▶ [Task prompt]: Which lines below include "diameter"? Copy them all.
((
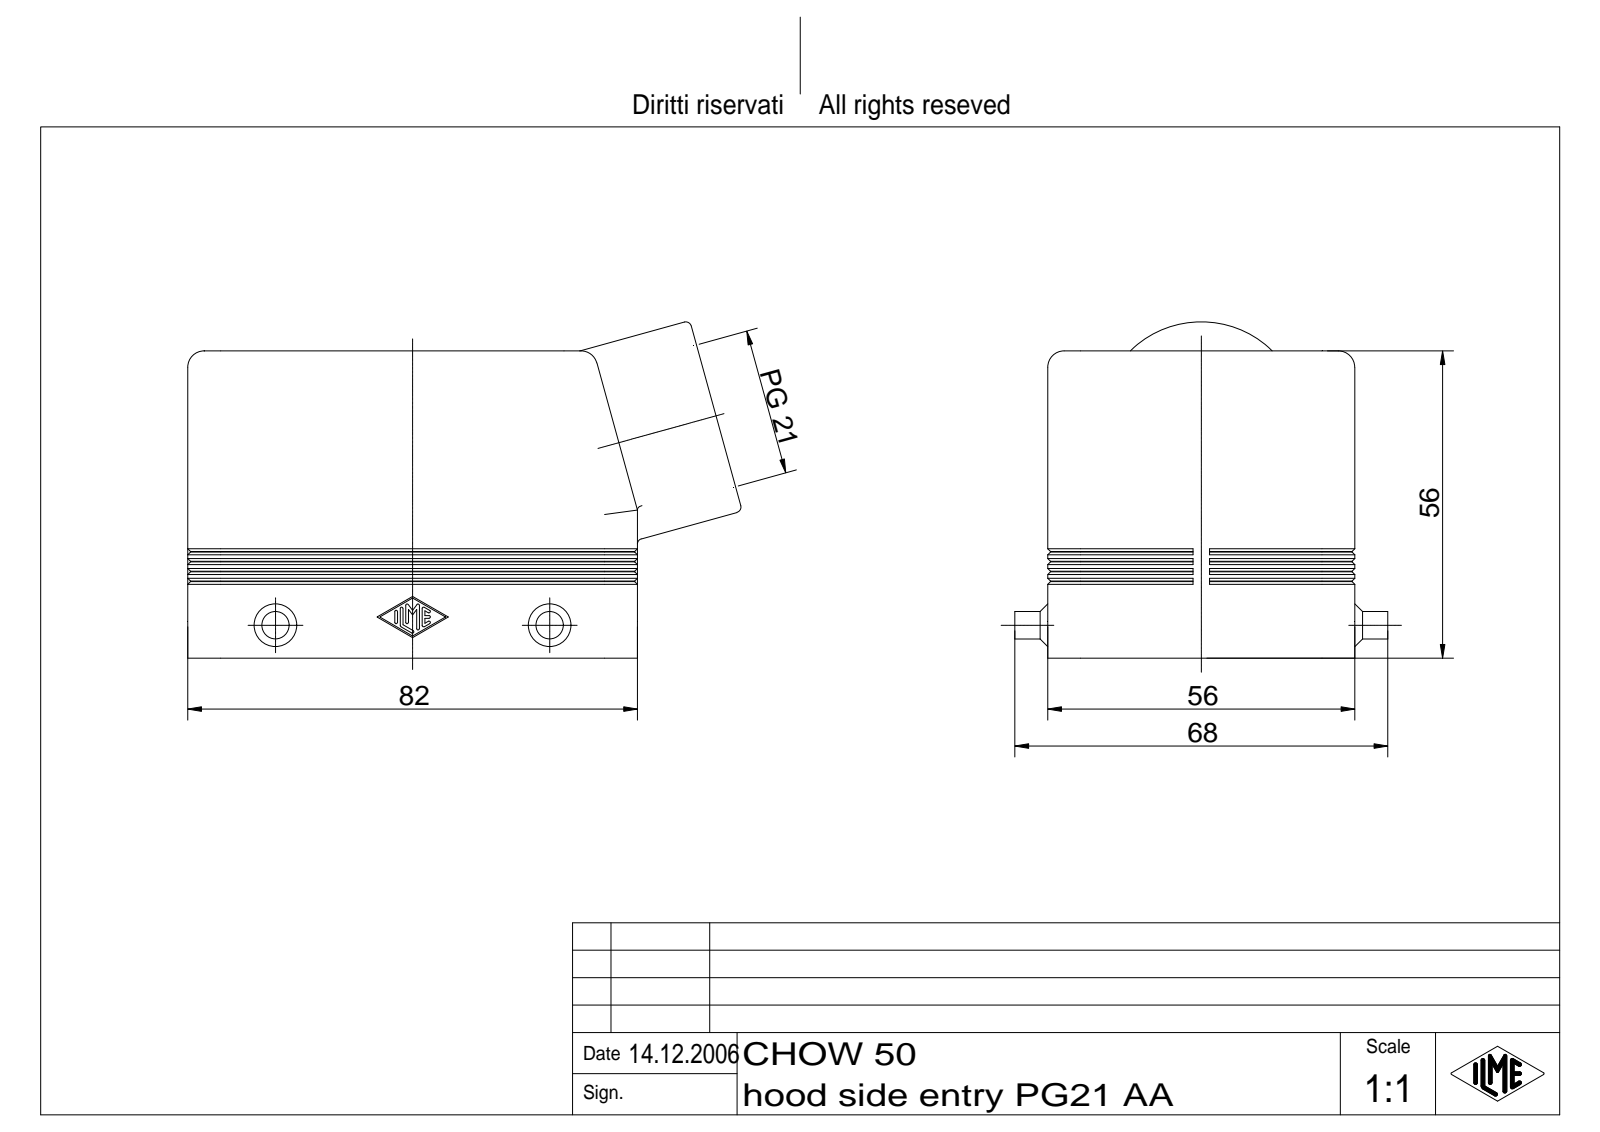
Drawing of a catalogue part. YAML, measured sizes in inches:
part_name: "CHOW 50"
step_written_by: "Autodesk Inventor 7 (AUTOMOTIVE_DESIGN)"
units: inches
bodies: {solids: 1, faces: 448, planar: 150, cylindrical: 128, other: 170}
overall_size: [3.972, 2.677, 2.413]
volume: 4.633
surface_area: 64.43
round_holes:
  - {diameter: 0.097, count: 4}
  - {diameter: 0.138, count: 4}
  - {diameter: 0.976, count: 1}
  - {diameter: 1.054, count: 1}
round_bosses_or_shafts:
  - {diameter: 0.197, count: 2}
  - {diameter: 1.417, count: 1}
partial_cylinders:
  - {radius: 0.01, count: 14}
  - {radius: 0.079, count: 8}
  - {radius: 0.118, count: 8}
  - {radius: 0.236, count: 6}
  - {radius: 0.217, count: 2}
  - {radius: 0.63, count: 1}
face_to_face_distances: [0.118, 2.087, 2.205, 1.969, 3.11, 0.443, 2.785, 0.325, 2.667, 3.228]
hole_center_spacings: [0.63, 2.598, 2.674]
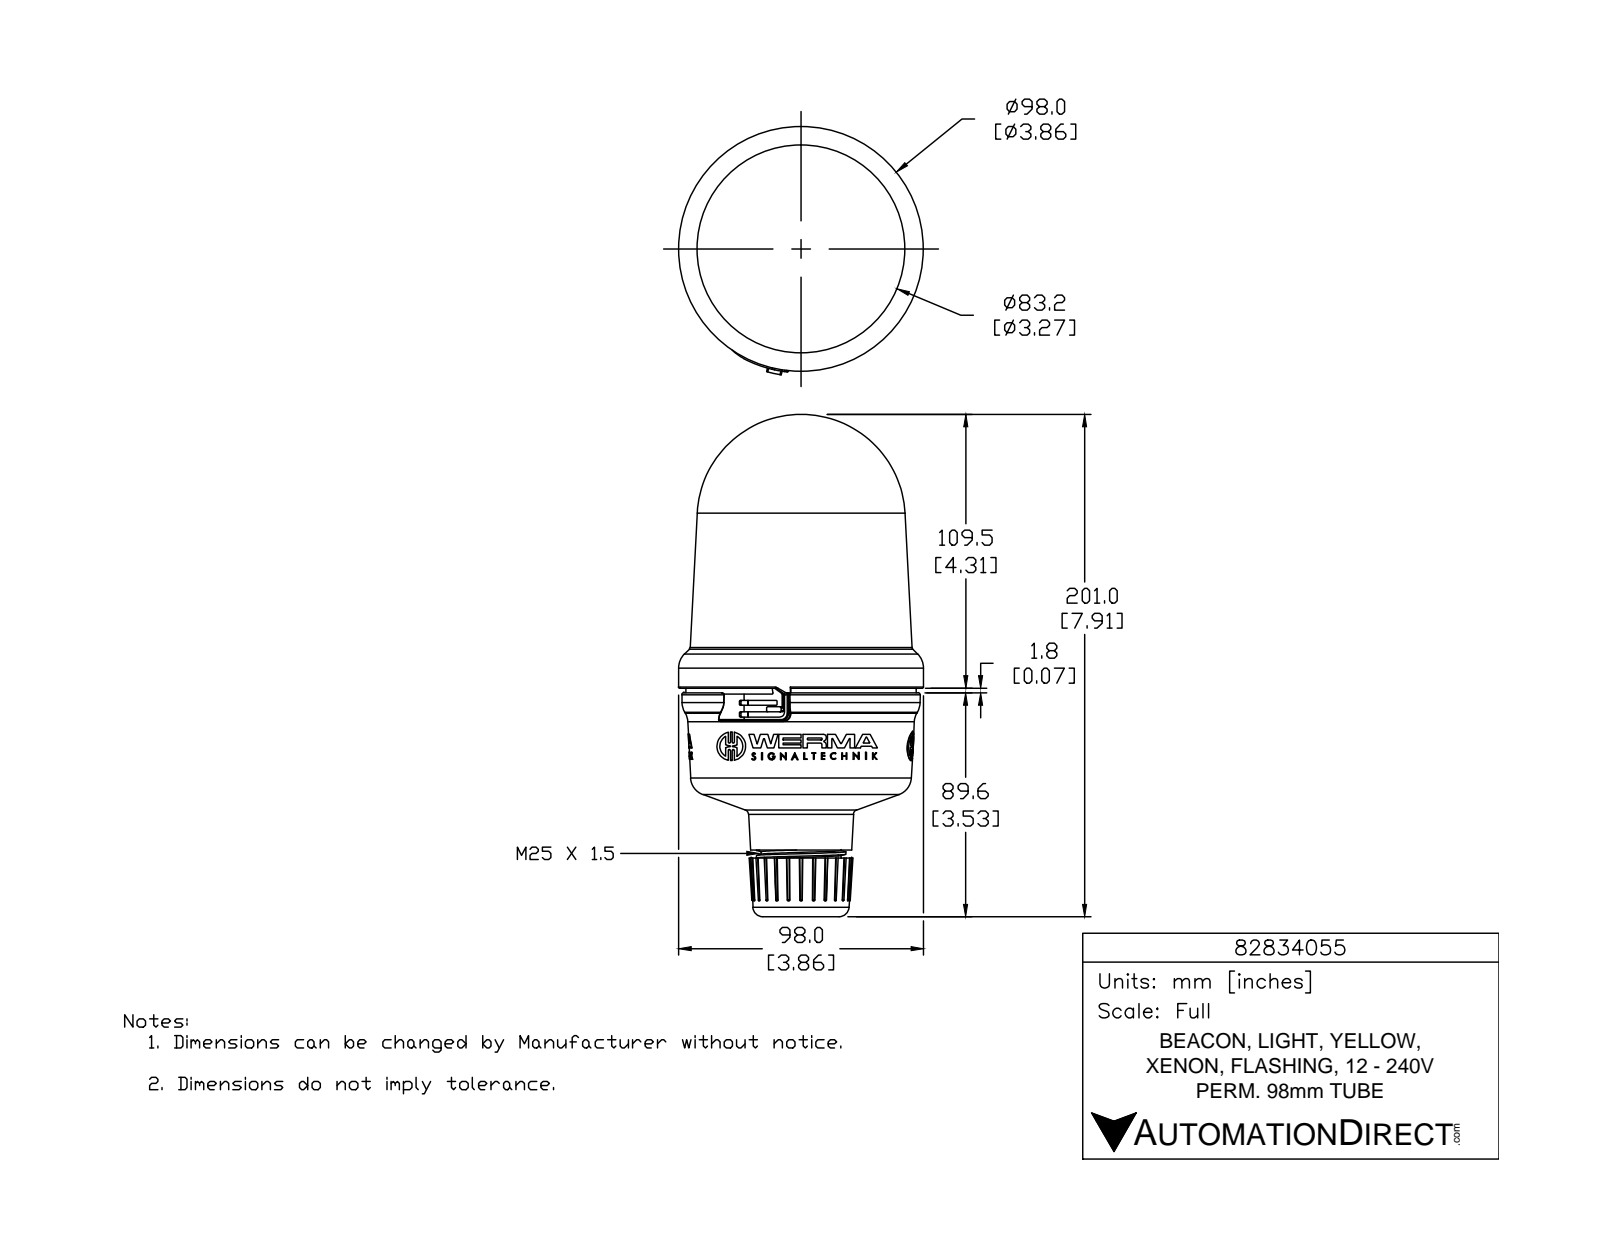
))
▶ [Written response]:
  - {diameter: 0.097, count: 4}
  - {diameter: 0.138, count: 4}
  - {diameter: 0.976, count: 1}
  - {diameter: 1.054, count: 1}
  - {diameter: 0.197, count: 2}
  - {diameter: 1.417, count: 1}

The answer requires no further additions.